突然,前面的一大一小停下脚步,河面上一艘龙舟飞快地划过,他俩的眼光也快速地停留在了河面上。看了一会,转身看着落在后面五六米的我,远远地听到儿子在喊,走快点啊!外婆撑着蓝色的遮阳伞,一只蓝黄色的小包挎在胸前,昂着头笑着对外孙说,你妈,走不动了,还走不过我这个年纪大的。

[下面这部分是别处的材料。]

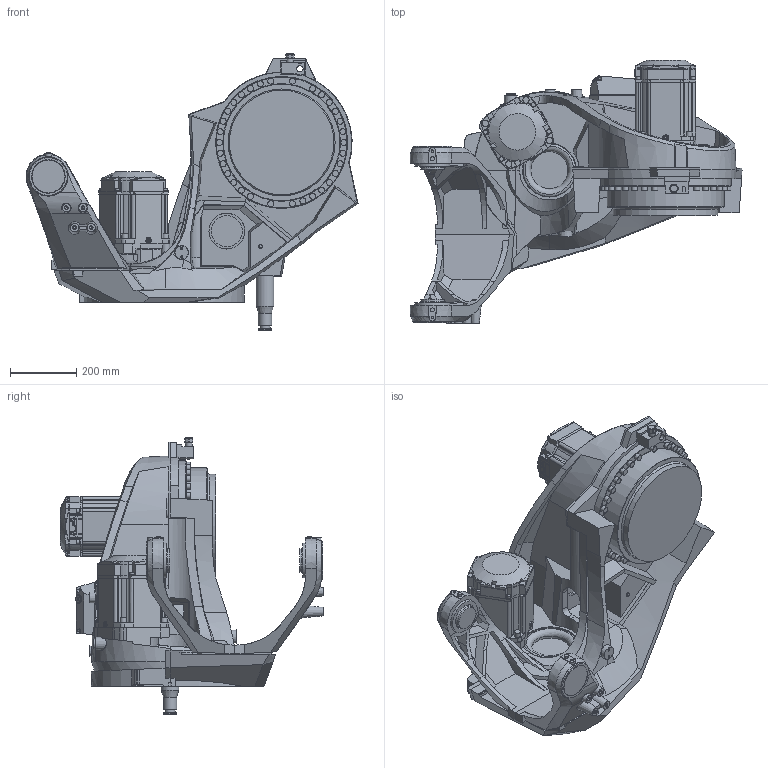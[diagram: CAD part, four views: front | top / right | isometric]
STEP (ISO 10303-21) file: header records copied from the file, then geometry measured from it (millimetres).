
FILE_DESCRIPTION (( 'STEP AP214' ), '1' );
FILE_NAME ('IRB6740-LID_270kg-280_OC_00_LINK01_CAD.step', '2026-05-07T13:14:51', ( '' ), ( '' ), 'SwSTEP 2.0', 'SolidWorks 2024', '' );
FILE_SCHEMA (( 'AUTOMOTIVE_DESIGN' ));
Length unit declared in the file: millimetre
Products named in the file (1): IRB6740-LID_270kg-280_OC_00_LINK01_CAD
Bounding box: 999.93 x 793.6 x 833.5 mm (x, y, z)
Volume: 79614408.5 mm3; surface area: 3099196 mm2
Topology: 1 solids, 12 shells, 1955 faces, 5209 edges, 3383 vertices
Faces by surface type: plane 999, cylinder 328, cone 286, bspline 217, torus 106, sphere 19
Full cylindrical faces by diameter (mm): 2.5 x1, 5 x2, 8 x2, 8.5 x9, 9.5 x4, 10 x8, 11 x2, 12 x3, 13 x8, 16.27 x4, 17 x6, 17.7 x1, 17.9 x1, 18 x1, 18.27 x32, 18.4 x1, 18.63 x1, 19 x5, 19.5 x1, 19.7 x2, 19.93 x1, 20 x3, 20.8 x3, 23 x1, 25 x1, 27 x3, 29 x1, 30 x1, 40 x2, 53 x1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
Entity records: 112311 total; most frequent: CARTESIAN_POINT 47352, ORIENTED_EDGE 9500, DIRECTION 7786, EDGE_CURVE 4750, VERTEX_POINT 3227, AXIS2_PLACEMENT_3D 2828, EDGE_LOOP 2385, FACE_OUTER_BOUND 2133

我赶紧关闭手机,把手机拽在手里,推了推太阳眼镜,快步地往前,想着总要减少一下距离。心里也在犯嘀咕,这么热的天,出来旅行,怎么可以一直靠走呢。这个意见,我郑重地向儿子提过,不过,遭到了驳回,儿子说,现在流行city walk,就是需要用脚丈量游玩的城市,走街串巷。我面露难色,表示自己保留意见。一旁的外婆,虽然她不明白外孙说的新名词意思,但是听到走路,她用手掌在脸颊边上下扇着风,郑重其事地说,每顿吃得这么饱,是要走走的。热是热了点,还是能吃得消的。
然后这样的场景,在接下来的旅行中,每天都在上演。长沙街头、顺德夜市、广州塔下,不管在哪个城市,哪个景区,外孙在前面带路,外婆总能跟上外孙的速度,大步流星地紧跟其后,就像一个小跟班。
出行前几天的一个早晨,我妈照例在打扫外孙的房间,她把拖把用力地在床底下上下地推来推去,看我在门外,说了一句,这鲁南博,今年一年都不会回来了是吧。我低声地从喉咙里飘出了一个嗯,今年,他要实习又要上课,没有时间回来。听了我的回答,外婆也没有声音,继续在那拖地。好多次,看到我妈在房间里扫地拖地擦书柜玻璃,我就忍不住地说,这房间又不住人,不需要天天搞卫生。而她爽快地抛给我一句话,我外孙的房间,每天拖拖地,我乐意。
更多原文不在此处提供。